%%

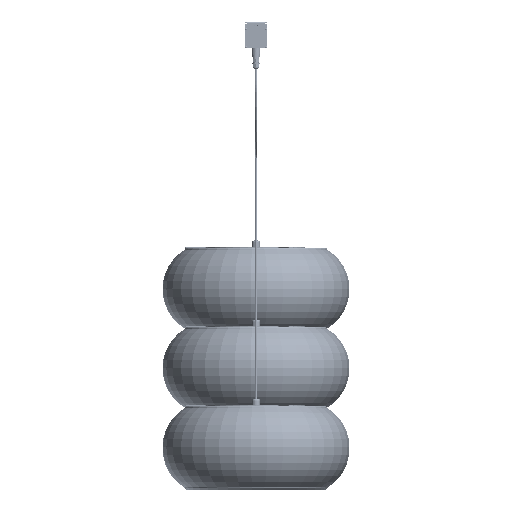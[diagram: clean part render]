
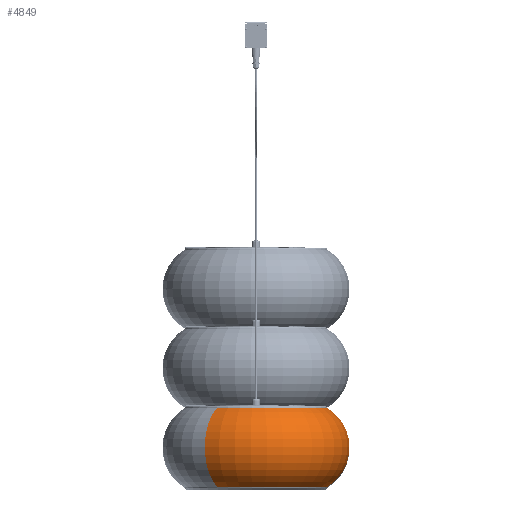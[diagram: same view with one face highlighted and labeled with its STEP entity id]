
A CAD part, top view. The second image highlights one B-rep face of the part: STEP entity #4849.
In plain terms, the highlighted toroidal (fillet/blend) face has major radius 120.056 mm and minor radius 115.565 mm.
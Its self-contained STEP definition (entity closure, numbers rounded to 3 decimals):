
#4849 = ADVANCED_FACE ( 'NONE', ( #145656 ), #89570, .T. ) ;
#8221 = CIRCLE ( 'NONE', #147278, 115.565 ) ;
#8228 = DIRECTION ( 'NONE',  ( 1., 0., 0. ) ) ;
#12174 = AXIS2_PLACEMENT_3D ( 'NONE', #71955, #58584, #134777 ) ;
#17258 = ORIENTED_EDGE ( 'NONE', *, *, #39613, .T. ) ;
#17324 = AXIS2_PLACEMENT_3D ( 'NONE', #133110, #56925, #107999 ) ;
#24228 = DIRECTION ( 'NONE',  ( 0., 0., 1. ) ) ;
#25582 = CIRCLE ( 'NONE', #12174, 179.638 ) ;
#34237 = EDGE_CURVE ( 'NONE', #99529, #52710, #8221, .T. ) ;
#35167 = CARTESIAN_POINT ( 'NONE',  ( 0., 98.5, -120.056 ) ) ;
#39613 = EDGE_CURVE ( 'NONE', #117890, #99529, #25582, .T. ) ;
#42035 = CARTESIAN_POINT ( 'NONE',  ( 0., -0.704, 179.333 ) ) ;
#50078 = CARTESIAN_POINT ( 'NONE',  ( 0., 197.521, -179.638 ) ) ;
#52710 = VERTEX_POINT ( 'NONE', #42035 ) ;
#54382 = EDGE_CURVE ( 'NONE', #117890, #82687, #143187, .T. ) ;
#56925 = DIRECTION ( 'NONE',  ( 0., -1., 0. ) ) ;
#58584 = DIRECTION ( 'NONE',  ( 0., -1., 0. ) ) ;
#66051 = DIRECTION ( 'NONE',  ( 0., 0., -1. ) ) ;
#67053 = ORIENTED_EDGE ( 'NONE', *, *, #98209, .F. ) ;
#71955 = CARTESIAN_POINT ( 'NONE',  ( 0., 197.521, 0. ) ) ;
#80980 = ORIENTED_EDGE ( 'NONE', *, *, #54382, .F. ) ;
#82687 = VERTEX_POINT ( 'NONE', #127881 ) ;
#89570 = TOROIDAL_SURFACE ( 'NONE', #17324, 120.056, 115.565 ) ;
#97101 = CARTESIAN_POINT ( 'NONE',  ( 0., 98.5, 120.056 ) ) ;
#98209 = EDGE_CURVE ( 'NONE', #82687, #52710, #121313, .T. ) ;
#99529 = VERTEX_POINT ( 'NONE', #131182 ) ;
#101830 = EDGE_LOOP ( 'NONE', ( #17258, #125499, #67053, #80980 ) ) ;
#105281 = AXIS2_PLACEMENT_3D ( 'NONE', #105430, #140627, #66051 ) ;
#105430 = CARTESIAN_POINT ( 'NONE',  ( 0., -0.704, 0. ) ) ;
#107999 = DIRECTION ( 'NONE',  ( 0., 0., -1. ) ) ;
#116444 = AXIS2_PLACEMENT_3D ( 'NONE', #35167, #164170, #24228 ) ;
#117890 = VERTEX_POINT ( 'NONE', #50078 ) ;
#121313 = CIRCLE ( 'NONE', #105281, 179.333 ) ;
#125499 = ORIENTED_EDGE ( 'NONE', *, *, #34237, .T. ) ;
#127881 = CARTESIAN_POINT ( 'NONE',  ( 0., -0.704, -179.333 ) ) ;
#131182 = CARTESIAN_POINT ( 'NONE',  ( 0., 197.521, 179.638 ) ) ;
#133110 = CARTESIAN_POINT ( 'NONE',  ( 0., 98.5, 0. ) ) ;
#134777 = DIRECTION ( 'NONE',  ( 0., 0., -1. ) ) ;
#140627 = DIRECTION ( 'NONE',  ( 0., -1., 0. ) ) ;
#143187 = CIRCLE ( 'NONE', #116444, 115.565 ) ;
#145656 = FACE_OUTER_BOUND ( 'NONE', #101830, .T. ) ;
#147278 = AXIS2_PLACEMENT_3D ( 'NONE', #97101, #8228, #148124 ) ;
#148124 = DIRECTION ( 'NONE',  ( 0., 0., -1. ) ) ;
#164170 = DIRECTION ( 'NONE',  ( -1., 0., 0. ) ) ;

%%

WHAT YOU ARE ASKED TO DO = Starting with the line that has "#148124 = DIRECTION", print each remaining line of the listing exactly.

OUTPUT OF THE TASK =
#148124 = DIRECTION ( 'NONE',  ( 0., 0., -1. ) ) ;
#164170 = DIRECTION ( 'NONE',  ( -1., 0., 0. ) ) ;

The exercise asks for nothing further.